Data supplied —

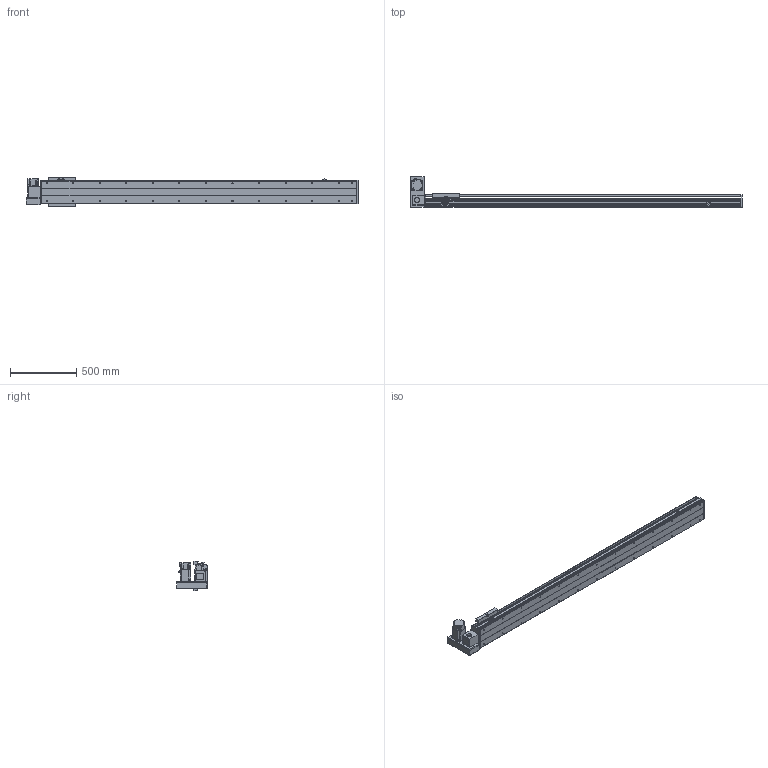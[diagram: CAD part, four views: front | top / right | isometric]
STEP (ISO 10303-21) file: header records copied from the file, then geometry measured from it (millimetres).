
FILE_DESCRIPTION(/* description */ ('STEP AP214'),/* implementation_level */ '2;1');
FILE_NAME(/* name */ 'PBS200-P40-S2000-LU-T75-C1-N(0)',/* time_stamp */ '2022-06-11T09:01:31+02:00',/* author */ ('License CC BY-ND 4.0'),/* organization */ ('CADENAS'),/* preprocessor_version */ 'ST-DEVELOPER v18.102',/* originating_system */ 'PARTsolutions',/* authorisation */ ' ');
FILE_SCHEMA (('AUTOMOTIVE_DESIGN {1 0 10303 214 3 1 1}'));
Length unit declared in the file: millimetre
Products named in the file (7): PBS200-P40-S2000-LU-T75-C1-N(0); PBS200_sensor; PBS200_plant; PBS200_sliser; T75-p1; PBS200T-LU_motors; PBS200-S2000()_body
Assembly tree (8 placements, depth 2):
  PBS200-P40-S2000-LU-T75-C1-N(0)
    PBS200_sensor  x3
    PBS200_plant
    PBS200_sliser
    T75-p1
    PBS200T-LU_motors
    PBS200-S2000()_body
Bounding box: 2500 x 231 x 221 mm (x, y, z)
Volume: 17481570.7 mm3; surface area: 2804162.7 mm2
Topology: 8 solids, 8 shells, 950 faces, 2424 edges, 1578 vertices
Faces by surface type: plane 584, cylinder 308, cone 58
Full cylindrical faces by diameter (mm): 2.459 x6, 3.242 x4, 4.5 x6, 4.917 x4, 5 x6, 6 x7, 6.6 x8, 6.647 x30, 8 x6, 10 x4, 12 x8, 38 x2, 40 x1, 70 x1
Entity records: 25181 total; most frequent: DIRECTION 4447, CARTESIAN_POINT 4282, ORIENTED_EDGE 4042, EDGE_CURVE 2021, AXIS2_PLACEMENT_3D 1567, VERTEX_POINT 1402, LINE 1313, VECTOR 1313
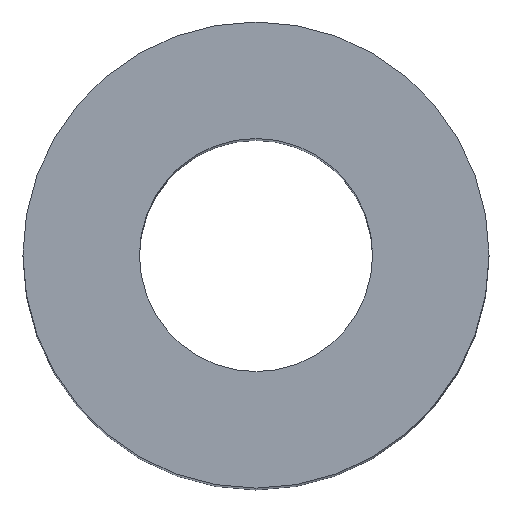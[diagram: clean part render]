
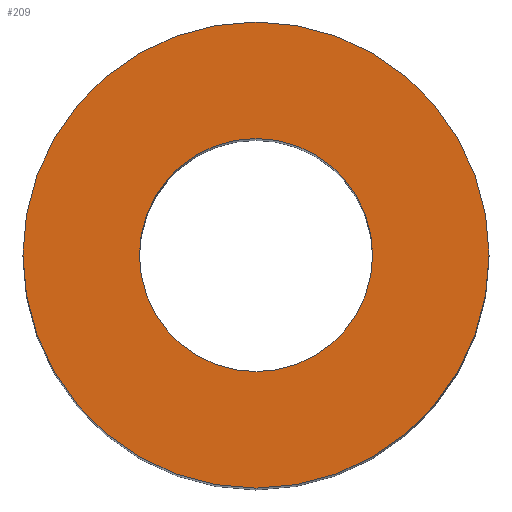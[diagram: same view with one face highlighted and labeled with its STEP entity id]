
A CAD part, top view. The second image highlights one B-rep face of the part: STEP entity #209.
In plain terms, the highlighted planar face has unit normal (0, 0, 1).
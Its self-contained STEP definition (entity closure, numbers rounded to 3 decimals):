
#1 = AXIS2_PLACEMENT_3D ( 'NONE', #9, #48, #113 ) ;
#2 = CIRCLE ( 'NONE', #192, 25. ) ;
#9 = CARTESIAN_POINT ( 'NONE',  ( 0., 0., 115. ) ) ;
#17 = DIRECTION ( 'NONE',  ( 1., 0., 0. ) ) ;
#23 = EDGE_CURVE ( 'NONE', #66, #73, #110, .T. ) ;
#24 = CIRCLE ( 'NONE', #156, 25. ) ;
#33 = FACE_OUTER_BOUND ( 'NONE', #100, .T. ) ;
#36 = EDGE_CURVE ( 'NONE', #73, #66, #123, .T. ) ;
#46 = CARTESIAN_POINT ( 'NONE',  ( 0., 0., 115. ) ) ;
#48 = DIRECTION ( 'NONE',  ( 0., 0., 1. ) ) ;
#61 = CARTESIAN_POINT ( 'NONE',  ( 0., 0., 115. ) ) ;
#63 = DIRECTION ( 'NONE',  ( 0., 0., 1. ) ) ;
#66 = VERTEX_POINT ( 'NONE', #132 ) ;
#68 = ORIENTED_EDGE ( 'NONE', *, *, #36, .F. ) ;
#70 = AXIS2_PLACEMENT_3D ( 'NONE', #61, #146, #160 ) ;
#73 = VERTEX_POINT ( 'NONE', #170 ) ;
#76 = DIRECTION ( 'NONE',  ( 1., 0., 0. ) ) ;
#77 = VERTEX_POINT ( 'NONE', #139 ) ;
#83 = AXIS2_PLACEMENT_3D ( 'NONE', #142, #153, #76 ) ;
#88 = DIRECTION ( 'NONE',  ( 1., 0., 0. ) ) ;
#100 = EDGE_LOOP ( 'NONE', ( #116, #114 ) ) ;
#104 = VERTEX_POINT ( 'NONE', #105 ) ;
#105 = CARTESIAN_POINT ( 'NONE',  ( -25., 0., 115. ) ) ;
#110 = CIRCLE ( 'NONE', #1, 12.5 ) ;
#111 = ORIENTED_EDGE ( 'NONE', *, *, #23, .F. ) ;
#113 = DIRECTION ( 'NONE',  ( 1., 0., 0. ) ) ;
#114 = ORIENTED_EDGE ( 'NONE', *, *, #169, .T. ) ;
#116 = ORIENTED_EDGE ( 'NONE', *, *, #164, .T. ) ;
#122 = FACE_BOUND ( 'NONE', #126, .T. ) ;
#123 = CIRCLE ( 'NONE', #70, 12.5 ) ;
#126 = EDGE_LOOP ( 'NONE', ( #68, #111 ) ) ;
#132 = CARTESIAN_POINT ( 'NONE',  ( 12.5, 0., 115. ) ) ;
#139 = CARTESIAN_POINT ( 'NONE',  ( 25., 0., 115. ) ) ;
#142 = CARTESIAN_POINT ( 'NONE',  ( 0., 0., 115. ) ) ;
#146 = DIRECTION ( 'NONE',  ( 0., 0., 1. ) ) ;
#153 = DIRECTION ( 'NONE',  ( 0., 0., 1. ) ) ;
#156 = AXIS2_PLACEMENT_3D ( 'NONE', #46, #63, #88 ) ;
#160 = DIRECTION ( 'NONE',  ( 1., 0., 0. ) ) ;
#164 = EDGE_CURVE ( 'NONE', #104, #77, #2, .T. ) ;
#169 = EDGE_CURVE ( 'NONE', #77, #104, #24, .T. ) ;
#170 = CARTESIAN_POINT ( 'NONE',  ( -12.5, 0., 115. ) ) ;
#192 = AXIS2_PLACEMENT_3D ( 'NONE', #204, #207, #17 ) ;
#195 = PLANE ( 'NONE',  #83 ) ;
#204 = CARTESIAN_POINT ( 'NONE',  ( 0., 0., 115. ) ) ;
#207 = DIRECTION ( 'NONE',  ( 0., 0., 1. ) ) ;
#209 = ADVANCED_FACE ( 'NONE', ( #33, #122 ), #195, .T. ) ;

About this task —
Copy out every line from the one containing "#207 = DIRECTION" to the end of the material, both ends included.

Your response —
#207 = DIRECTION ( 'NONE',  ( 0., 0., 1. ) ) ;
#209 = ADVANCED_FACE ( 'NONE', ( #33, #122 ), #195, .T. ) ;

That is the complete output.